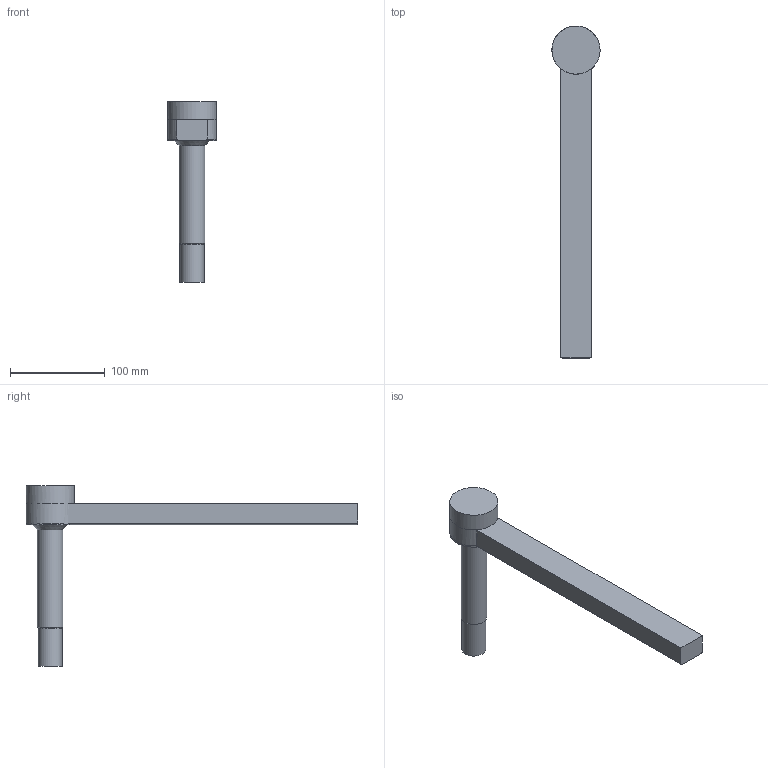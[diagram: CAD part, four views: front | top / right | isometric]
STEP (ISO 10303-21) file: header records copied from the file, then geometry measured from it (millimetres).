
FILE_DESCRIPTION(/* description */ (''),/* implementation_level */ '2;1');
FILE_NAME(/* name */ 'B1051TRUPas.stp',/* time_stamp */ '2019-10-03T15:28:53-04:00',/* author */ (''),/* organization */ (''),/* preprocessor_version */ 'ST-DEVELOPER v16',/* originating_system */ 'SIEMENS PLM Software NX 11.0',/* authorisation */ '');
FILE_SCHEMA (('AUTOMOTIVE_DESIGN { 1 0 10303 214 3 1 1 1 }'));
Length unit declared in the file: inch
Products named in the file (3): B10XX_SubSolid; B1051TRUPd; B1051TRUPas
Assembly tree (2 placements, depth 2):
  B1051TRUPas
    B1051TRUPd
    B10XX_SubSolid
Bounding box: 50.91 x 350.87 x 191.29 mm (x, y, z)
Volume: 490262 mm3; surface area: 79004.4 mm2
Topology: 2 solids, 3 shells, 34 faces, 72 edges, 45 vertices
Faces by surface type: plane 13, cylinder 10, cone 6, torus 3, sphere 1, revolution 1
Full cylindrical faces by diameter (mm): 8.731 x2, 25.4 x2, 26.987 x1, 50.927 x1
Entity records: 874 total; most frequent: CARTESIAN_POINT 167, DIRECTION 142, ORIENTED_EDGE 96, AXIS2_PLACEMENT_3D 62, EDGE_LOOP 54, EDGE_CURVE 48, FACE_BOUND 45, VERTEX_POINT 40

# # #

The images in the entries above should be left out; please reproduce exactly the lines from the first through the one containing "FILE_DESCRIPTION(/* description */".

[diagram: CAD part, four views: front | top / right | isometric]
STEP (ISO 10303-21) file: header records copied from the file, then geometry measured from it (millimetres).
FILE_DESCRIPTION(/* description */ (''),/* implementation_level */ '2;1');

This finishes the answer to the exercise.